The quantification of p and g values of cholesterol, for example, requires knowledge of the effects cholesterol addition has on lipid phase separation and the likelihood of cholesterol to be found on the phase boundary. Cholesterol preferentially partitions into liquid-ordered phases, thereby indicating a value of g > 0. The addition of cholesterol to a membrane typically encourages phase miscibility, indicating that cholesterol has a value of g < 1. The value of g for cholesterol will vary with the surrounding membrane lipids; however, quantification of cholesterol’s effects on the T mis for near-critical membranes composed of DOPC, DPPC, and cholesterol displayed approximately 15 °C reduction in T mis with the addition of 5 mol% cholesterol (Veatch et al. 2007b), which implies a g value of 0.3 for cholesterol in this system (i.e., Fig. 3b). The focused quantification of changes in T mis with variations in cholesterol concentration in near-critical ternary systems would provide greater certainty in the determination of g and p.

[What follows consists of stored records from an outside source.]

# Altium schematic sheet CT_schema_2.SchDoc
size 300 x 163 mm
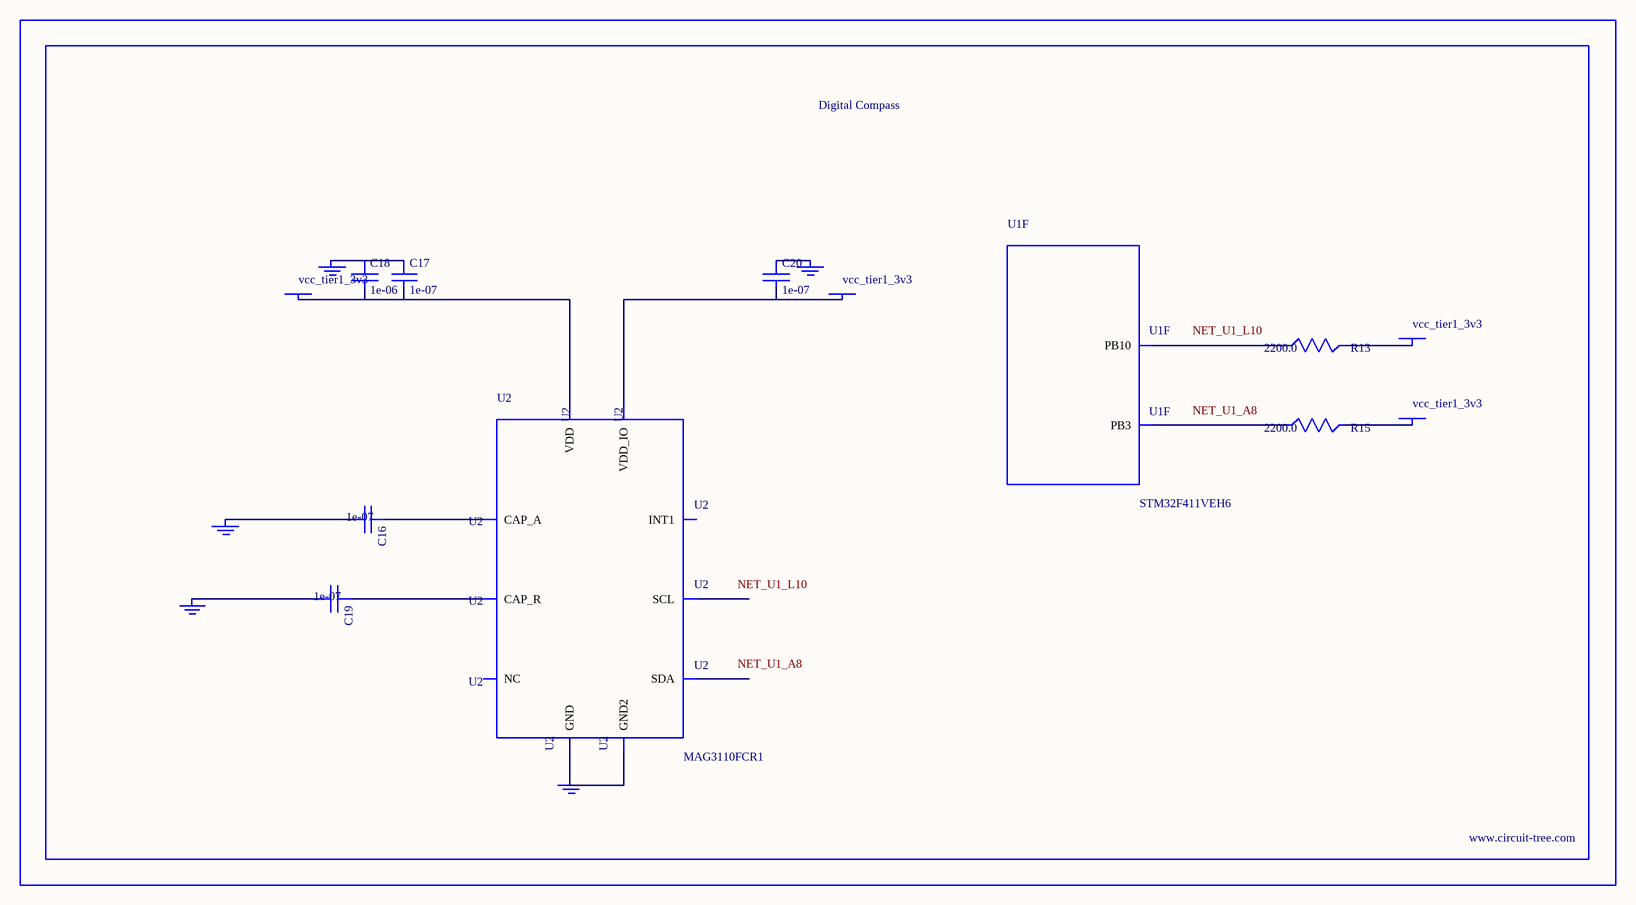
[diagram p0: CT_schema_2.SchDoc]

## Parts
BORDER1  (no value)
C16  1e-07  [C0402]
C17  1e-07  [C0402]
C18  1e-06  [C0603]
C19  1e-07  [C0402]
C20  1e-07  [C0402]
GND_INSTANCE_1_0  (no value)
GND_INSTANCE_1_1  (no value)
GND_INSTANCE_1_2  (no value)
GND_INSTANCE_1_3  (no value)
GND_INSTANCE_1_4  (no value)
POWER_INSTANCE_1_0  vcc_tier1_3v3
POWER_INSTANCE_1_1  vcc_tier1_3v3
POWER_INSTANCE_1_2  vcc_tier1_3v3
POWER_INSTANCE_1_3  vcc_tier1_3v3
R13  2200.0  [R0603]
R15  2200.0  [R0603]
U1  STM32F411VEH6  [UFBGA100]  (part F of 8)
U2  MAG3110FCR1  [DFN-10]

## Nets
NetC16_1: C16.1 U2.1(CAP_A)
NetC16_2: C16.2 GND_INSTANCE_1_0.0(GND)
NetC17_1: C17.1 C18.1 GND_INSTANCE_1_1.0(GND)
NetC17_2: C17.2 C18.2 POWER_INSTANCE_1_0.0(PWR) U2.2(VDD)
NetC19_1: C19.1 U2.4(CAP_R)
NetC19_2: C19.2 GND_INSTANCE_1_2.0(GND)
NetC20_1: C20.1 GND_INSTANCE_1_3.0(GND)
NetC20_2: C20.2 POWER_INSTANCE_1_1.0(PWR) U2.8(VDD_IO)
NetGND_INSTANCE_1_4_0: GND_INSTANCE_1_4.0(GND) U2.5(GND) U2.10(GND2)
NetPOWER_INSTANCE_1_2_0: POWER_INSTANCE_1_2.0(PWR) R13.2
NetPOWER_INSTANCE_1_3_0: POWER_INSTANCE_1_3.0(PWR) R15.2
NetR13_1: R13.1 U1.L10(PB10)
NetR15_1: R15.1 U1.A8(PB3)

Not connected (* = marked no-connect by the designer): U2 3(NC) 6(SDA) 7(SCL) 9(INT1)

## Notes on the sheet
- Labels drawn without touching a wire or pin: NET_U1_A8, NET_U1_L10

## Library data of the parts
BORDER1 = BORDER_PAGE1
C16 C17 C19 C20 = C0402C104K3RACTU
C18 = C0603C105K3RACTU
GND_INSTANCE_1_0-GND_INSTANCE_1_4 = GND
POWER_INSTANCE_1_0-POWER_INSTANCE_1_3 = PWR
R13 R15 = RC0603JR-072K2L

Similar analysis on the addition of the fluorescent lipid DiI-C12 into membranes composed of DOPC, DPPC, and cholesterol at molar ratios of 35:35:30 demonstrates how a more complex mechanism may also be present (Veatch et al. 2007a). In this system, T mis increased linearly with increasing DiI-C12 concentrations up to 0.1 mol% with reduced effects on T mis at higher DiI-C12 concentrations. This difference may be due to a particularly drastic effect of DiI-C12 pushing the membrane toward or away from a critical composition (Veatch et al. 2007a) or specific interactions between DiI-C12 and the other lipids in the system.

The theoretical framework presented here provides a basis for the interpretation of experimental data for the lipid phase and boundary preference of membrane-associated molecules. Similarly, this framework provides a means of predicting the lipid-raft association and lipid phase-dependent clustering in complex systems through the extension of results from model membrane studies. This ability to quantify the phase preference of membrane additives may prove to be a valuable parameter for the therapeutic development and evaluation of the therapeutic mechanisms.